When you apply a net capital loss from a previous year to the current year's taxable capital gain, it will reduce your taxable income for the current year. However, your net income, which is used to calculate certain credits and benefits, will not change.
You have to apply net capital losses of earlier years before you apply net capital losses of later years.
Example
If you have net capital losses in 1994 and 1996 and want to apply them against your taxable capital gains in 2024, you have to follow a certain order:
- Apply your 1994 net capital loss against your taxable capital gain.
- Apply your 1996 net capital loss against it.
Keep separate balances of unapplied net capital losses for each year. This will help you keep track of your capital losses.

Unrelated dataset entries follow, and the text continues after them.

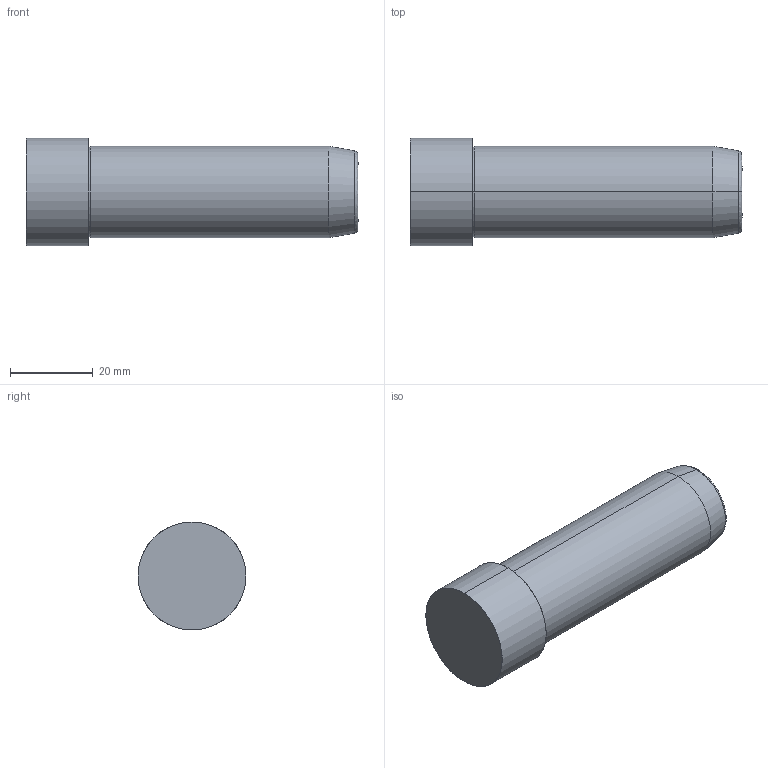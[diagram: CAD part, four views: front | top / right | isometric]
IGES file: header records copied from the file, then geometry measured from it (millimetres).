
Start section: SolidWorks IGES FILE using analytic representation for surfaces
Global section: file name: D:\zzzzz\Delta\D01 D\22\D01 D - 22x80.IGS; native system: SolidWorks 2004 by SolidWorks Corporation; preprocessor: Version 5.3; author: Hkn; date: 080327.145114; units: millimetre
Bounding box: 80 x 26 x 26 mm (x, y, z)
Surface area: 6694.7 mm2 (no closed solid volume)
Topology: 0 solids, 0 shells, 14 faces, 232 edges, 232 vertices
Faces by surface type: revolution 8, bspline 6
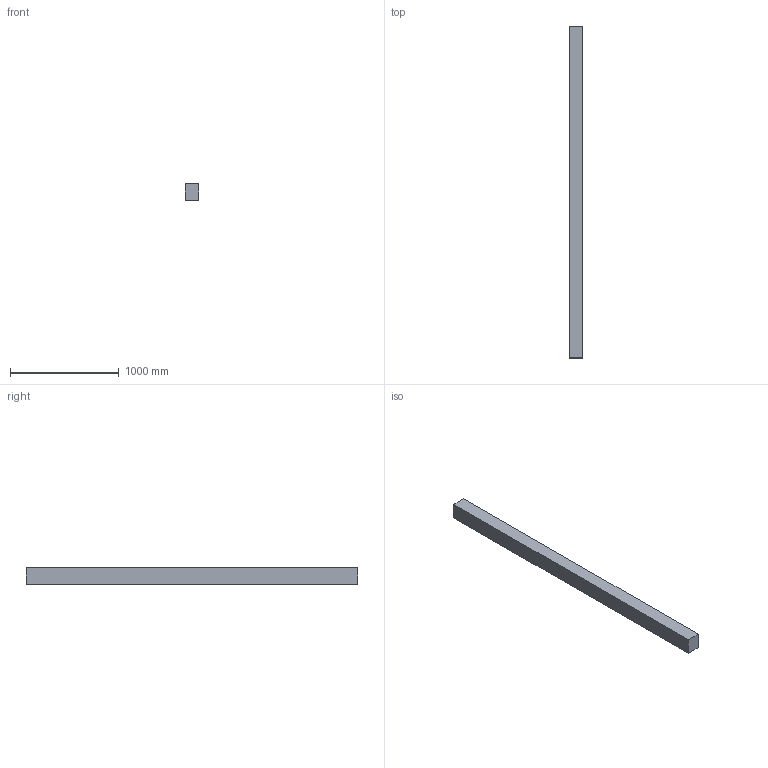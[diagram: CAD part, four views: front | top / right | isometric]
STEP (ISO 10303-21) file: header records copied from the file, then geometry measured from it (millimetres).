
FILE_DESCRIPTION(/* description */ (''),/* implementation_level */ '2;1');
FILE_NAME(/* name */ '5x6x120',/* time_stamp */ '2024-09-20T11:46:42-05:00',/* author */ (''),/* organization */ (''),/* preprocessor_version */ 'ST-DEVELOPER v19.2',/* originating_system */ 'Rhino 8.5',/* authorisation */ '');
FILE_SCHEMA (('CONFIG_CONTROL_DESIGN'));
Length unit declared in the file: inch
Products named in the file (1): Document
Bounding box: 127 x 3048 x 152.4 mm (x, y, z)
Volume: 58993430.4 mm3; surface area: 1741932 mm2
Topology: 1 solids, 1 shells, 6 faces, 12 edges, 8 vertices
Faces by surface type: plane 6
Entity records: 226 total; most frequent: CARTESIAN_POINT 40, ORIENTED_EDGE 24, EDGE_CURVE 12, B_SPLINE_CURVE_WITH_KNOTS 12, DIRECTION 10, VERTEX_POINT 8, AXIS2_PLACEMENT_3D 8, ORGANIZATION 7
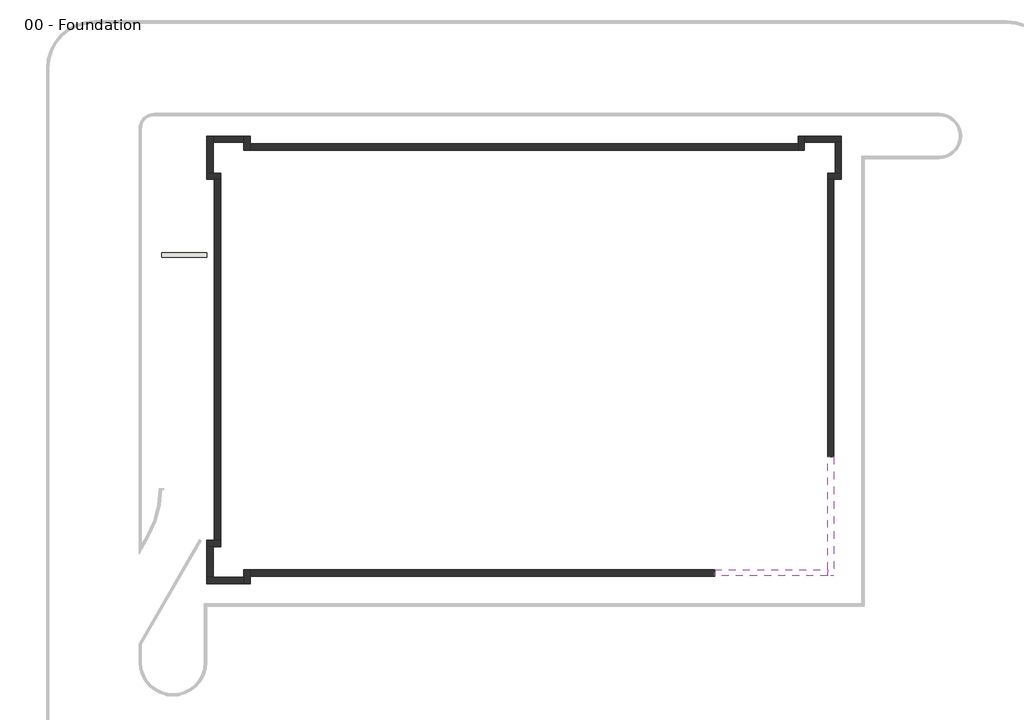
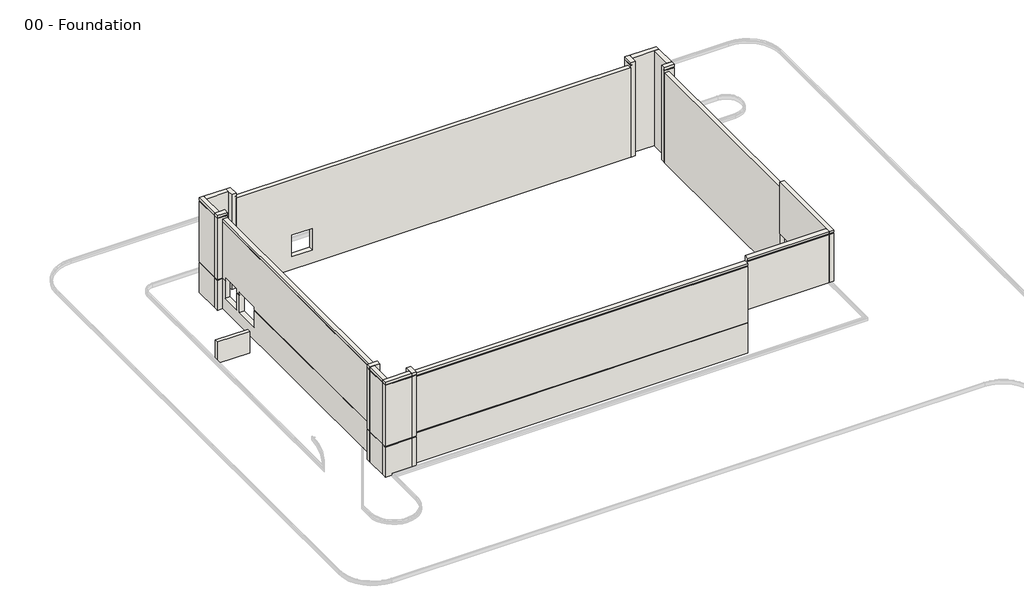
# One storey, part 1 of 2: 19 walls.
"""IFC4 building model written with IfcOpenShell, lengths in millimetres."""

from ifc_helpers import new_model, si_unit, frame, origin, place, context, project, spatial, polyline, outline, extrude, faceted_brep, element, save

model = new_model("IFC4")

# Units and contexts
model_context = context("Model", 3, world=origin())
ifc_project = project(units=[si_unit("LENGTHUNIT", "METRE", prefix="MILLI")], contexts=[model_context])

# Site, building, storey
site = spatial("IfcSite", under=ifc_project)
building = spatial("IfcBuilding", under=site)
storey = spatial("IfcBuildingStorey", under=building, Name="00 - Foundation", Elevation=-1250.0)

# Walls
placement = place(None, origin())
element("IfcWall", 1, ObjectType="Exterior - Render on Brick on Block @ Entry", at=placement, inside=storey, context=model_context, shape_type="Brep", body=[
    faceted_brep([(18351.5272279, -6481.9313057, 3000.0), (18351.5272279, -13977.9313057, 3000.0), (18351.5272279, -14406.9313057, 3000.0), (18351.5272279, -14406.9313057, 7700.0), (18351.5272279, -14331.9313057, 7700.0), (18351.5272279, -14331.9313057, 7775.0), (18351.5272279, -14406.9313057, 7775.0), (18351.5272279, -14406.9313057, 8000.0), (18351.5272279, -13977.9313057, 8000.0), (18351.5272279, -6481.9313057, 8000.0), (18351.5272279, -6481.9313057, 7500.0), (18780.5272279, -14406.9313057, 3000.0), (18780.5272279, -6481.9313057, 3000.0), (18780.5272279, -6481.9313057, 7200.0), (18780.5272279, -6481.9313057, 7275.0), (18780.5272279, -6481.9313057, 7500.0), (18780.5272279, -6481.9313057, 7700.0), (18780.5272279, -14406.9313057, 7700.0), (18780.5272279, -6481.9313057, 8000.0), (18780.5272279, -14406.9313057, 8000.0), (18780.5272279, -14406.9313057, 7775.0), (18780.5272279, -6481.9313057, 7775.0), (18705.5272279, -6481.9313057, 7775.0), (18705.5272279, -6481.9313057, 7700.0), (18705.5272279, -14331.9313057, 7775.0), (18705.5272279, -14331.9313057, 7700.0)], [[[0, 1, 2, 3, 4, 5, 6, 7, 8, 9, 10]], [[11, 12, 13, 14, 15, 16, 17]], [[18, 19, 20, 21]], [[2, 1, 0, 12, 11]], [[9, 8, 7, 19, 18]], [[0, 10, 9, 18, 21, 22, 23, 16, 15, 14, 13, 12]], [[24, 22, 21, 20, 6, 5]], [[23, 25, 4, 3, 17, 16]], [[22, 24, 25, 23]], [[2, 11, 17, 3]], [[19, 7, 6, 20]], [[25, 24, 5, 4]]]),
])
element("IfcWall", 2, ObjectType="Exterior - Render on Brick on Block @ Entry", at=placement, inside=storey, context=model_context, shape_type="Brep", body=[
    faceted_brep([(18351.5272279, -13977.9313057, 3000.0), (10855.5272279, -13977.9313057, 3000.0), (10855.5272279, -13977.9313057, 7500.0), (10855.5272279, -13977.9313057, 8000.0), (18351.5272279, -13977.9313057, 8000.0), (10855.5272279, -14406.9313057, 3000.0), (18351.5272279, -14406.9313057, 3000.0), (18351.5272279, -14406.9313057, 7700.0), (10855.5272279, -14406.9313057, 7700.0), (10855.5272279, -14406.9313057, 7500.0), (10855.5272279, -14406.9313057, 7275.0), (10855.5272279, -14406.9313057, 7200.0), (18351.5272279, -14406.9313057, 8000.0), (10855.5272279, -14406.9313057, 8000.0), (10855.5272279, -14406.9313057, 7775.0), (18351.5272279, -14406.9313057, 7775.0), (10855.5272279, -14331.9313057, 7700.0), (10855.5272279, -14331.9313057, 7775.0), (18351.5272279, -14331.9313057, 7700.0), (18351.5272279, -14331.9313057, 7775.0)], [[[0, 1, 2, 3, 4]], [[5, 6, 7, 8, 9, 10, 11]], [[12, 13, 14, 15]], [[1, 0, 6, 5]], [[3, 2, 1, 5, 11, 10, 9, 8, 16, 17, 14, 13]], [[4, 3, 13, 12]], [[16, 18, 19, 17]], [[0, 4, 12, 15, 19, 18, 7, 6]], [[17, 19, 15, 14]], [[18, 16, 8, 7]]]),
])
element("IfcWall", 3, ObjectType="Exterior - Render on Brick on Block", at=placement, inside=storey, context=model_context, shape_type="Brep", body=[
    faceted_brep([(10855.5272279, -13977.9313057, -1250.0), (-20031.4727721, -13977.9313057, -1250.0), (-20031.4727721, -13977.9313057, 7500.0), (10855.5272279, -13977.9313057, 7500.0), (10855.5272279, -13977.9313057, 3000.0), (10855.5272279, -14406.9313057, 7500.0), (-20031.4727721, -14406.9313057, 7500.0), (-20031.4727721, -14406.9313057, 7275.0), (10855.5272279, -14406.9313057, 7275.0), (-20031.4727721, -14406.9313057, -1250.0), (10855.5272279, -14406.9313057, -1250.0), (10855.5272279, -14406.9313057, 1675.0), (-20031.4727721, -14406.9313057, 1675.0), (-20031.4727721, -14406.9313057, 1750.0), (10855.5272279, -14406.9313057, 1750.0), (10855.5272279, -14406.9313057, 7200.0), (-20031.4727721, -14406.9313057, 7200.0), (10855.5272279, -14331.9313057, 7275.0), (10855.5272279, -14331.9313057, 7200.0), (10855.5272279, -14331.9313057, 1750.0), (10855.5272279, -14331.9313057, 1675.0), (10855.5272279, -14381.9313057, -1250.0), (-20031.4727721, -14381.9313057, -1250.0), (-20031.4727721, -14331.9313057, 1750.0), (-20031.4727721, -14331.9313057, 1675.0), (-20031.4727721, -14331.9313057, 7275.0), (-20031.4727721, -14331.9313057, 7200.0)], [[[0, 1, 2, 3, 4]], [[5, 6, 7, 8]], [[9, 10, 11, 12]], [[13, 14, 15, 16]], [[3, 2, 6, 5]], [[0, 4, 3, 5, 8, 17, 18, 15, 14, 19, 20, 11, 10, 21]], [[1, 0, 21, 22]], [[21, 10, 9, 22]], [[14, 13, 23, 19]], [[12, 11, 20, 24]], [[20, 19, 23, 24]], [[25, 17, 8, 7]], [[18, 26, 16, 15]], [[17, 25, 26, 18]], [[2, 1, 22, 9, 12, 24, 23, 13, 16, 26, 25, 7, 6]]]),
])
element("IfcWall", 4, ObjectType="Exterior - Render on Brick on Block", at=placement, inside=storey, context=model_context, shape_type="Brep", body=[
    faceted_brep([(-20460.4727721, -13977.9313057, -1250.0), (-20460.4727721, -14477.7313057, -1250.0), (-20460.4727721, -14906.7313057, -1250.0), (-20460.4727721, -14906.7313057, 1675.0), (-20460.4727721, -14831.7313057, 1675.0), (-20460.4727721, -14831.7313057, 1750.0), (-20460.4727721, -14906.7313057, 1750.0), (-20460.4727721, -14906.7313057, 7700.0), (-20460.4727721, -14831.7313057, 7700.0), (-20460.4727721, -14831.7313057, 7775.0), (-20460.4727721, -14906.7313057, 7775.0), (-20460.4727721, -14906.7313057, 8000.0), (-20460.4727721, -14477.7313057, 8000.0), (-20460.4727721, -13977.9313057, 8000.0), (-20031.4727721, -13977.9313057, 8000.0), (-20031.4727721, -14906.7313057, 8000.0), (-20031.4727721, -14906.7313057, 7775.0), (-20031.4727721, -13977.9313057, 7775.0), (-20031.4727721, -14906.7313057, -1250.0), (-20031.4727721, -14406.9313057, -1250.0), (-20031.4727721, -13977.9313057, -1250.0), (-20031.4727721, -13977.9313057, 7500.0), (-20031.4727721, -13977.9313057, 7700.0), (-20031.4727721, -14906.7313057, 7700.0), (-20031.4727721, -14906.7313057, 1750.0), (-20031.4727721, -14406.9313057, 1750.0), (-20031.4727721, -14331.9313057, 1750.0), (-20031.4727721, -14331.9313057, 1675.0), (-20031.4727721, -14406.9313057, 1675.0), (-20031.4727721, -14906.7313057, 1675.0), (-20056.4727721, -13977.9313057, -1250.0), (-20056.4727721, -14906.7313057, -1250.0), (-20106.4727721, -14331.9313057, 1675.0), (-20106.4727721, -14331.9313057, 1750.0), (-20106.4727721, -14831.7313057, 1750.0), (-20106.4727721, -14831.7313057, 1675.0), (-20106.4727721, -14831.7313057, 7775.0), (-20106.4727721, -13977.9313057, 7775.0), (-20106.4727721, -13977.9313057, 7700.0), (-20106.4727721, -14831.7313057, 7700.0)], [[[0, 1, 2, 3, 4, 5, 6, 7, 8, 9, 10, 11, 12, 13]], [[14, 15, 16, 17]], [[18, 19, 20, 21, 22, 23, 24, 25, 26, 27, 28, 29]], [[13, 12, 11, 15, 14]], [[2, 1, 0, 30, 31]], [[32, 33, 34, 35]], [[36, 37, 17, 16, 10, 9]], [[38, 39, 8, 7, 23, 22]], [[37, 36, 39, 38]], [[0, 13, 14, 17, 37, 38, 22, 21, 20, 30]], [[20, 19, 18, 31, 30]], [[34, 33, 26, 25, 24, 6, 5]], [[32, 35, 4, 3, 29, 28, 27]], [[33, 32, 27, 26]], [[15, 11, 10, 16]], [[2, 31, 18, 29, 3]], [[6, 24, 23, 7]], [[35, 34, 5, 4]], [[39, 36, 9, 8]]]),
])
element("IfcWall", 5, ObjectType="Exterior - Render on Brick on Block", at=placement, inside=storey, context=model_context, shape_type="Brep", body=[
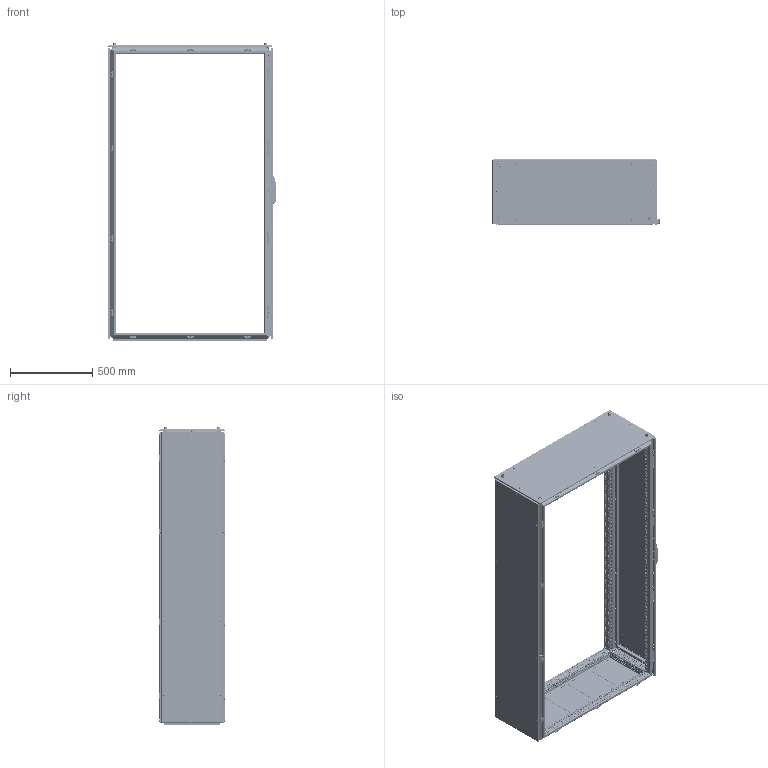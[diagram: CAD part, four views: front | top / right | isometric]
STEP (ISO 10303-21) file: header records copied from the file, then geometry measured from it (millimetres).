
FILE_DESCRIPTION(('STEP AP203'), '1');
FILE_NAME('ØÍÑ ÊÑ PRO II Êîðïóñ ÑÁ', '', ('UNSPECIFIED'), ('UNSPECIFIED'), 'C3D Converter', 'C3D Toolkit', '');
FILE_SCHEMA(('CONFIG_CONTROL_DESIGN'));
Length unit declared in the file: millimetre
Products named in the file (50): 3110.180.40.100; 3000; 3007.175; 3007.75; 3007.200; 3009.04; 3009.04.01; 3009.04.2; 3009.04.01.2; 3301; 3310; 3311; 3302; 3211; 3410; 3420; 3421; 3422.01; 3412; 3411; 2952; 3009.05; 3009.05.01; 3622.01; 3009.08; 3009.08.01
Assembly tree (297 placements, depth 5):
  3110.180.40.100
    3000
      3000
      (unnamed)  x88
      3007.175
      (unnamed)  x18
      3007.75
      3007.200  x3
      3009.04  x8
        3009.04.01
        (unnamed)
        (unnamed)
      3009.04.2  x15
        3009.04.01.2
        (unnamed)
        (unnamed)
    3301
      3310
        3311
        (unnamed)
      (unnamed)  x8
      (unnamed)  x8
      (unnamed)  x4
      (unnamed)  x4
    3302
      3211
      (unnamed)  x2
      (unnamed)  x10
    3410
      3420
        3421
        3422.01  x4
        (unnamed)  x12
        (unnamed)  x8
        (unnamed)  x2
      3412  x2
      3411  x2
      (unnamed)  x4
      (unnamed)  x12
      (unnamed)  x20
      (unnamed)  x8
      2952
        (unnamed)
          (unnamed)
          (unnamed)
          (unnamed)
          (unnamed)
          (unnamed)
      (unnamed)  x2
      3009.05  x4
        3009.05.01
        (unnamed)
        (unnamed)
      3622.01  x4
      (unnamed)  x4
      3009.08  x4
        3009.08.01
        (unnamed)
        (unnamed)
Bounding box: 1024.04 x 397.07 x 1816 mm (x, y, z)
Volume: 7715632.6 mm3; surface area: 9771645.6 mm2
Topology: 400 solids, 400 shells, 22100 faces, 60394 edges, 39676 vertices
Faces by surface type: plane 14899, cylinder 5352, cone 1185, torus 374, bspline 263, sphere 27
Full cylindrical faces by diameter (mm): 0.5 x20, 4.134 x134, 4.3 x2, 4.5 x1986, 4.8 x18, 4.917 x20, 5 x176, 5.2 x1, 5.5 x8, 5.8 x46, 6 x47, 6.1 x4, 6.6 x20, 6.75 x20, 6.8 x176, 7 x96, 7.3 x20, 7.5 x74, 8 x106, 8.3 x16, 8.5 x9, 9.2 x74, 10 x29, 10.106 x8, 10.5 x4, 11.5 x10, 12 x28, 13 x1, 13.5 x4, 14 x8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
Entity records: 457610 total; most frequent: CARTESIAN_POINT 100502, ORIENTED_EDGE 68260, DIRECTION 64938, EDGE_CURVE 34130, LINE 26894, VECTOR 26894, VERTEX_POINT 23873, EDGE_LOOP 22821
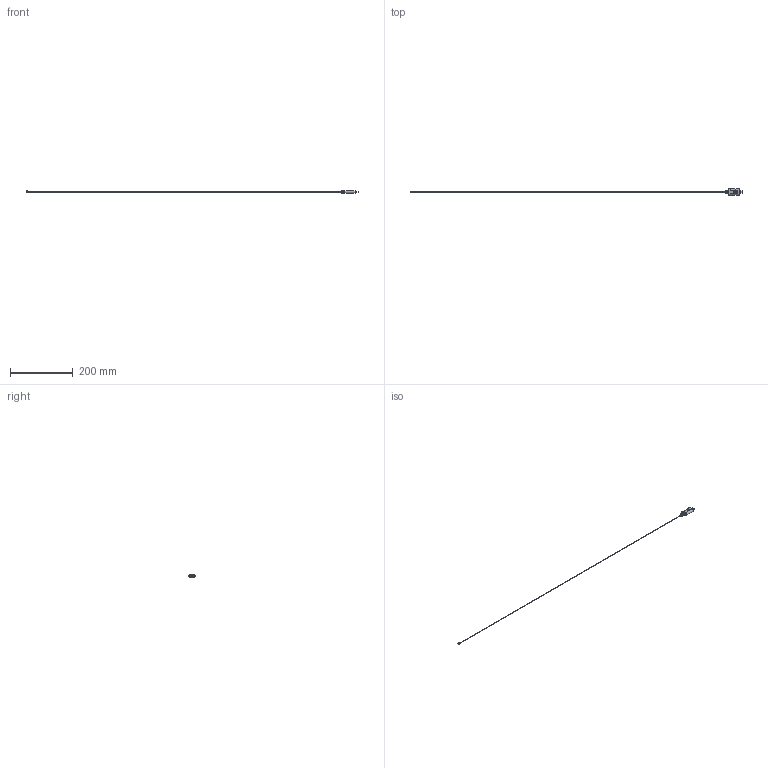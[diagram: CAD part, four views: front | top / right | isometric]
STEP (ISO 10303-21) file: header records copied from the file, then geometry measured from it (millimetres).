
FILE_DESCRIPTION (( 'STEP AP214' ), '1' );
FILE_NAME ('TYT-BL311M5L8-77-C.STEP', '2020-02-10T09:35:19', ( 'WIN' ), ( '' ), 'SwSTEP 2.0', 'SolidWorks 2013', '' );
FILE_SCHEMA (( 'AUTOMOTIVE_DESIGN' ));
Length unit declared in the file: millimetre
Products named in the file (8): OD1.9_L1000; MEX-EX-SPCA2630-04; LED(3106); HLN-3105-040G01; APAP-SD-2740-03; 18350; XD-BL31105; TYT-BL311M5L8-77-C
Assembly tree (7 placements, depth 2):
  TYT-BL311M5L8-77-C
    XD-BL31105
    18350
    APAP-SD-2740-03
    HLN-3105-040G01
    LED(3106)
    MEX-EX-SPCA2630-04
    OD1.9_L1000
Bounding box: 1062.5 x 20 x 8.9 mm (x, y, z)
Volume: 8806.8 mm3; surface area: 9473.9 mm2
Topology: 7 solids, 7 shells, 363 faces, 872 edges, 571 vertices
Faces by surface type: plane 247, cylinder 103, cone 11, sphere 2
Entity records: 11481 total; most frequent: CARTESIAN_POINT 2364, DIRECTION 1809, ORIENTED_EDGE 1744, EDGE_CURVE 872, VECTOR 613, LINE 613, AXIS2_PLACEMENT_3D 598, VERTEX_POINT 571

You can use a net capital loss of a previous year to reduce a taxable capital gain in 2025. If the inclusion rates for the two years are different, you must adjust the amount of the net capital loss to match the inclusion rate for 2025. To do so, you can complete the following charts of the Capital Gains Worksheet, depending on your situation:
- Line 25300 – Net capital loss of other years (if you do not have pre-1986 capital loss balance), if you do not have a balance of unapplied net capital losses from before May 23, 1985, and your 2024 notice of assessment or notice of reassessment shows that you have unapplied net capital losses of other years, a 2024 net capital loss, or both, to determine your net capital losses of other years that you can apply to 2025
- Line 25300 – Net capital loss of other years (if you have pre-1986 capital loss balance), if you have a balance of unapplied net capital losses from before May 23, 1985, or you want to keep a breakdown of your unapplied net capital losses by year
Special rules for losses incurred before May 23, 1985
Special rules apply to losses you incurred before May 23, 1985. This also includes losses you incurred after May 22, 1985, on any disposition of capital property made under an agreement of sale you entered into before May 23, 1985.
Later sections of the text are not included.